--- TASK DETAILS ---
Copy out each line of the data that includes the string "Components".

[[ EXTRACTED INFORMATION open ]]

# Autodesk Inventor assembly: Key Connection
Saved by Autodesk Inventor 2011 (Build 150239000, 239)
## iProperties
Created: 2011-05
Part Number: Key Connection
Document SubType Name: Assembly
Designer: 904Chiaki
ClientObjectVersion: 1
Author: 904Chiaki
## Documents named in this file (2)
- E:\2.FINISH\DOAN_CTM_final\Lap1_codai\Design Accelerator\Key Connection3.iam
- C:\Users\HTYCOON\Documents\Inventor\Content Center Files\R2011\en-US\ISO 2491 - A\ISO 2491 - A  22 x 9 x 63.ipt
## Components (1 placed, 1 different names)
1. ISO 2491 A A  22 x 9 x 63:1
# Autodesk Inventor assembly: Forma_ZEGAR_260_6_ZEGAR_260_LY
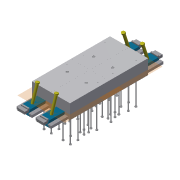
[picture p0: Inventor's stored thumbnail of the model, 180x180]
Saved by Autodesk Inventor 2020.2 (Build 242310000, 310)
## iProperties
Created: 2015-01
Part Number: Forma_ZEGAR_260_6_ZEGAR_260_LY
Document SubType Name: Assembly
Designer: F.Stasiak
Catalog Web Link: www.expertbooks.pl
Manager: www.cadconsulting.pl
Company: Fabian Stasiak CAD Consulting
Author: F.Stasiak
Subject: Zbiór ćwiczeń. Autodesk Inventor 2020. Kurs Professional
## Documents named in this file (10)
- C:\2020_Kurs_Professional\R6 Formy\Komponenty\Forma_ZEGAR_260_6_ZEGAR_260_LY.iam
- C:\2020_Kurs_Professional\R6 Formy\Komponenty\Forma_ZEGAR_260_6_ZEGAR_260_PZ.iam
- C:\2020_Kurs_Professional\R6 Formy\Komponenty\Forma_ZEGAR_260_6_ZEGAR_260_CV_2.ipt
- C:\2020_Kurs_Professional\R6 Formy\Komponenty\Forma_ZEGAR_260_6_ZEGAR_260_CV_3.ipt
- C:\2020_Kurs_Professional\R6 Formy\Komponenty\Forma_ZEGAR_260_6_ZEGAR_260_CV_4.ipt
- C:\2020_Kurs_Professional\R6 Formy\Komponenty\Forma_ZEGAR_260_6_ZEGAR_260_CV_1.ipt
- C:\2020_Kurs_Professional\R6 Formy\Komponenty\Forma_ZEGAR_260_6_ZEGAR_260_CR_2.ipt
- C:\2020_Kurs_Professional\R6 Formy\Komponenty\Forma_ZEGAR_260_6_ZEGAR_260_CR_3.ipt
- C:\2020_Kurs_Professional\R6 Formy\Komponenty\Forma_ZEGAR_260_6_ZEGAR_260_CR_4.ipt
- C:\2020_Kurs_Professional\R6 Formy\Komponenty\Forma_ZEGAR_260_6_ZEGAR_260_CR_1.ipt
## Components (12 placed, 9 different names)
1. Forma_ZEGAR_260_4_ZEGAR_260_PZ:1 [sub-assembly] — Równoległy:1, Równoległy:2, Równoległy:3, Równoległy:13, Równoległy:14, Równoległy:15, Równoległy:25, Równoległy:26, Równoległy:27, Równoległy:50, Równoległy:51, Równoległy:58, Równoległy:59, Równoległy:60
2. Forma_ZEGAR_260_4_ZEGAR_260_PZ:2 [sub-assembly] — Równoległy:4, Równoległy:5, Równoległy:6, Równoległy:16, Równoległy:17, Równoległy:18, Równoległy:28, Równoległy:29, Równoległy:30, Równoległy:52, Równoległy:53, Równoległy:61, Równoległy:62, Równoległy:63
3. Forma_ZEGAR_260_4_ZEGAR_260_PZ:3 [sub-assembly] — Równoległy:7, Równoległy:8, Równoległy:9, Równoległy:19, Równoległy:20, Równoległy:21, Równoległy:31, Równoległy:32, Równoległy:33, Równoległy:54, Równoległy:55, Równoległy:64, Równoległy:65, Równoległy:66
4. Forma_ZEGAR_260_4_ZEGAR_260_PZ:4 [sub-assembly] — Równoległy:10, Równoległy:11, Równoległy:12, Równoległy:22, Równoległy:23, Równoległy:24, Równoległy:34, Równoległy:35, Równoległy:36, Równoległy:56, Równoległy:57, Równoległy:67, Równoległy:68, Równoległy:69
5. Forma_ZEGAR_260_4_ZEGAR_260_CV_1:1 — Równoległy:13, Równoległy:14, Równoległy:15, Równoległy:58, Równoległy:59, Równoległy:60
6. Forma_ZEGAR_260_4_ZEGAR_260_CV_2:1 — Równoległy:16, Równoległy:17, Równoległy:18, Równoległy:61, Równoległy:62, Równoległy:63
7. Forma_ZEGAR_260_4_ZEGAR_260_CV_3:1 — Równoległy:19, Równoległy:20, Równoległy:21, Równoległy:64, Równoległy:65, Równoległy:66
8. Forma_ZEGAR_260_4_ZEGAR_260_CV_4:1 — Równoległy:22, Równoległy:23, Równoległy:24, Równoległy:67, Równoległy:68, Równoległy:69
9. Forma_ZEGAR_260_4_ZEGAR_260_CR_1:1 — Równoległy:25, Równoległy:26, Równoległy:27, Równoległy:50, Równoległy:51
10. Forma_ZEGAR_260_4_ZEGAR_260_CR_2:1 — Równoległy:28, Równoległy:29, Równoległy:30, Równoległy:52, Równoległy:53
11. Forma_ZEGAR_260_4_ZEGAR_260_CR_3:1 — Równoległy:31, Równoległy:32, Równoległy:33, Równoległy:54, Równoległy:55
12. Forma_ZEGAR_260_4_ZEGAR_260_CR_4:1 — Równoległy:34, Równoległy:35, Równoległy:36, Równoległy:56, Równoległy:57
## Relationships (56: Flush 56)
- Równoległy:1 [Flush]: Forma_ZEGAR_260_4_ZEGAR_260_PZ:1
- Równoległy:2 [Flush]: Forma_ZEGAR_260_4_ZEGAR_260_PZ:1
- Równoległy:3 [Flush]: Forma_ZEGAR_260_4_ZEGAR_260_PZ:1
- Równoległy:4 [Flush]: Forma_ZEGAR_260_4_ZEGAR_260_PZ:2
- Równoległy:5 [Flush]: Forma_ZEGAR_260_4_ZEGAR_260_PZ:2
- Równoległy:6 [Flush]: Forma_ZEGAR_260_4_ZEGAR_260_PZ:2
- Równoległy:7 [Flush]: Forma_ZEGAR_260_4_ZEGAR_260_PZ:3
- Równoległy:8 [Flush]: Forma_ZEGAR_260_4_ZEGAR_260_PZ:3
- Równoległy:9 [Flush]: Forma_ZEGAR_260_4_ZEGAR_260_PZ:3
- Równoległy:10 [Flush]: Forma_ZEGAR_260_4_ZEGAR_260_PZ:4
- Równoległy:11 [Flush]: Forma_ZEGAR_260_4_ZEGAR_260_PZ:4
- Równoległy:12 [Flush]: Forma_ZEGAR_260_4_ZEGAR_260_PZ:4
- Równoległy:13 [Flush]: Forma_ZEGAR_260_4_ZEGAR_260_PZ:1 ↔ Forma_ZEGAR_260_4_ZEGAR_260_CV_1:1
- Równoległy:14 [Flush]: Forma_ZEGAR_260_4_ZEGAR_260_PZ:1 ↔ Forma_ZEGAR_260_4_ZEGAR_260_CV_1:1
- Równoległy:15 [Flush]: Forma_ZEGAR_260_4_ZEGAR_260_PZ:1 ↔ Forma_ZEGAR_260_4_ZEGAR_260_CV_1:1
- Równoległy:16 [Flush]: Forma_ZEGAR_260_4_ZEGAR_260_PZ:2 ↔ Forma_ZEGAR_260_4_ZEGAR_260_CV_2:1
- Równoległy:17 [Flush]: Forma_ZEGAR_260_4_ZEGAR_260_PZ:2 ↔ Forma_ZEGAR_260_4_ZEGAR_260_CV_2:1
- Równoległy:18 [Flush]: Forma_ZEGAR_260_4_ZEGAR_260_PZ:2 ↔ Forma_ZEGAR_260_4_ZEGAR_260_CV_2:1
- Równoległy:19 [Flush]: Forma_ZEGAR_260_4_ZEGAR_260_PZ:3 ↔ Forma_ZEGAR_260_4_ZEGAR_260_CV_3:1
- Równoległy:20 [Flush]: Forma_ZEGAR_260_4_ZEGAR_260_PZ:3 ↔ Forma_ZEGAR_260_4_ZEGAR_260_CV_3:1
- Równoległy:21 [Flush]: Forma_ZEGAR_260_4_ZEGAR_260_PZ:3 ↔ Forma_ZEGAR_260_4_ZEGAR_260_CV_3:1
- Równoległy:22 [Flush]: Forma_ZEGAR_260_4_ZEGAR_260_PZ:4 ↔ Forma_ZEGAR_260_4_ZEGAR_260_CV_4:1
- Równoległy:23 [Flush]: Forma_ZEGAR_260_4_ZEGAR_260_PZ:4 ↔ Forma_ZEGAR_260_4_ZEGAR_260_CV_4:1
- Równoległy:24 [Flush]: Forma_ZEGAR_260_4_ZEGAR_260_PZ:4 ↔ Forma_ZEGAR_260_4_ZEGAR_260_CV_4:1
- Równoległy:25 [Flush]: Forma_ZEGAR_260_4_ZEGAR_260_PZ:1 ↔ Forma_ZEGAR_260_4_ZEGAR_260_CR_1:1
- Równoległy:26 [Flush]: Forma_ZEGAR_260_4_ZEGAR_260_PZ:1 ↔ Forma_ZEGAR_260_4_ZEGAR_260_CR_1:1
- Równoległy:27 [Flush]: Forma_ZEGAR_260_4_ZEGAR_260_PZ:1 ↔ Forma_ZEGAR_260_4_ZEGAR_260_CR_1:1
- Równoległy:28 [Flush]: Forma_ZEGAR_260_4_ZEGAR_260_PZ:2 ↔ Forma_ZEGAR_260_4_ZEGAR_260_CR_2:1
- Równoległy:29 [Flush]: Forma_ZEGAR_260_4_ZEGAR_260_PZ:2 ↔ Forma_ZEGAR_260_4_ZEGAR_260_CR_2:1
- Równoległy:30 [Flush]: Forma_ZEGAR_260_4_ZEGAR_260_PZ:2 ↔ Forma_ZEGAR_260_4_ZEGAR_260_CR_2:1
- Równoległy:31 [Flush]: Forma_ZEGAR_260_4_ZEGAR_260_PZ:3 ↔ Forma_ZEGAR_260_4_ZEGAR_260_CR_3:1
- Równoległy:32 [Flush]: Forma_ZEGAR_260_4_ZEGAR_260_PZ:3 ↔ Forma_ZEGAR_260_4_ZEGAR_260_CR_3:1
- Równoległy:33 [Flush]: Forma_ZEGAR_260_4_ZEGAR_260_PZ:3 ↔ Forma_ZEGAR_260_4_ZEGAR_260_CR_3:1
- Równoległy:34 [Flush]: Forma_ZEGAR_260_4_ZEGAR_260_PZ:4 ↔ Forma_ZEGAR_260_4_ZEGAR_260_CR_4:1
- Równoległy:35 [Flush]: Forma_ZEGAR_260_4_ZEGAR_260_PZ:4 ↔ Forma_ZEGAR_260_4_ZEGAR_260_CR_4:1
- Równoległy:36 [Flush]: Forma_ZEGAR_260_4_ZEGAR_260_PZ:4 ↔ Forma_ZEGAR_260_4_ZEGAR_260_CR_4:1
- Równoległy:50 [Flush]: Forma_ZEGAR_260_4_ZEGAR_260_PZ:1 ↔ Forma_ZEGAR_260_4_ZEGAR_260_CR_1:1
- Równoległy:51 [Flush]: Forma_ZEGAR_260_4_ZEGAR_260_PZ:1 ↔ Forma_ZEGAR_260_4_ZEGAR_260_CR_1:1
- Równoległy:52 [Flush]: Forma_ZEGAR_260_4_ZEGAR_260_PZ:2 ↔ Forma_ZEGAR_260_4_ZEGAR_260_CR_2:1
- Równoległy:53 [Flush]: Forma_ZEGAR_260_4_ZEGAR_260_PZ:2 ↔ Forma_ZEGAR_260_4_ZEGAR_260_CR_2:1
- Równoległy:54 [Flush]: Forma_ZEGAR_260_4_ZEGAR_260_PZ:3 ↔ Forma_ZEGAR_260_4_ZEGAR_260_CR_3:1
- Równoległy:55 [Flush]: Forma_ZEGAR_260_4_ZEGAR_260_PZ:3 ↔ Forma_ZEGAR_260_4_ZEGAR_260_CR_3:1
- Równoległy:56 [Flush]: Forma_ZEGAR_260_4_ZEGAR_260_PZ:4 ↔ Forma_ZEGAR_260_4_ZEGAR_260_CR_4:1
- Równoległy:57 [Flush]: Forma_ZEGAR_260_4_ZEGAR_260_PZ:4 ↔ Forma_ZEGAR_260_4_ZEGAR_260_CR_4:1
- Równoległy:58 [Flush]: Forma_ZEGAR_260_4_ZEGAR_260_PZ:1 ↔ Forma_ZEGAR_260_4_ZEGAR_260_CV_1:1
- Równoległy:59 [Flush]: Forma_ZEGAR_260_4_ZEGAR_260_PZ:1 ↔ Forma_ZEGAR_260_4_ZEGAR_260_CV_1:1
- Równoległy:60 [Flush]: Forma_ZEGAR_260_4_ZEGAR_260_PZ:1 ↔ Forma_ZEGAR_260_4_ZEGAR_260_CV_1:1
- Równoległy:61 [Flush]: Forma_ZEGAR_260_4_ZEGAR_260_PZ:2 ↔ Forma_ZEGAR_260_4_ZEGAR_260_CV_2:1
- Równoległy:62 [Flush]: Forma_ZEGAR_260_4_ZEGAR_260_PZ:2 ↔ Forma_ZEGAR_260_4_ZEGAR_260_CV_2:1
- Równoległy:63 [Flush]: Forma_ZEGAR_260_4_ZEGAR_260_PZ:2 ↔ Forma_ZEGAR_260_4_ZEGAR_260_CV_2:1
- Równoległy:64 [Flush]: Forma_ZEGAR_260_4_ZEGAR_260_PZ:3 ↔ Forma_ZEGAR_260_4_ZEGAR_260_CV_3:1
- Równoległy:65 [Flush]: Forma_ZEGAR_260_4_ZEGAR_260_PZ:3 ↔ Forma_ZEGAR_260_4_ZEGAR_260_CV_3:1
- Równoległy:66 [Flush]: Forma_ZEGAR_260_4_ZEGAR_260_PZ:3 ↔ Forma_ZEGAR_260_4_ZEGAR_260_CV_3:1
- Równoległy:67 [Flush]: Forma_ZEGAR_260_4_ZEGAR_260_PZ:4 ↔ Forma_ZEGAR_260_4_ZEGAR_260_CV_4:1
- Równoległy:68 [Flush]: Forma_ZEGAR_260_4_ZEGAR_260_PZ:4 ↔ Forma_ZEGAR_260_4_ZEGAR_260_CV_4:1
- Równoległy:69 [Flush]: Forma_ZEGAR_260_4_ZEGAR_260_PZ:4 ↔ Forma_ZEGAR_260_4_ZEGAR_260_CV_4:1

[[ EXTRACTED INFORMATION closed ]]

--- ANSWER FOR THE TASK ---
## Components (1 placed, 1 different names)
## Components (12 placed, 9 different names)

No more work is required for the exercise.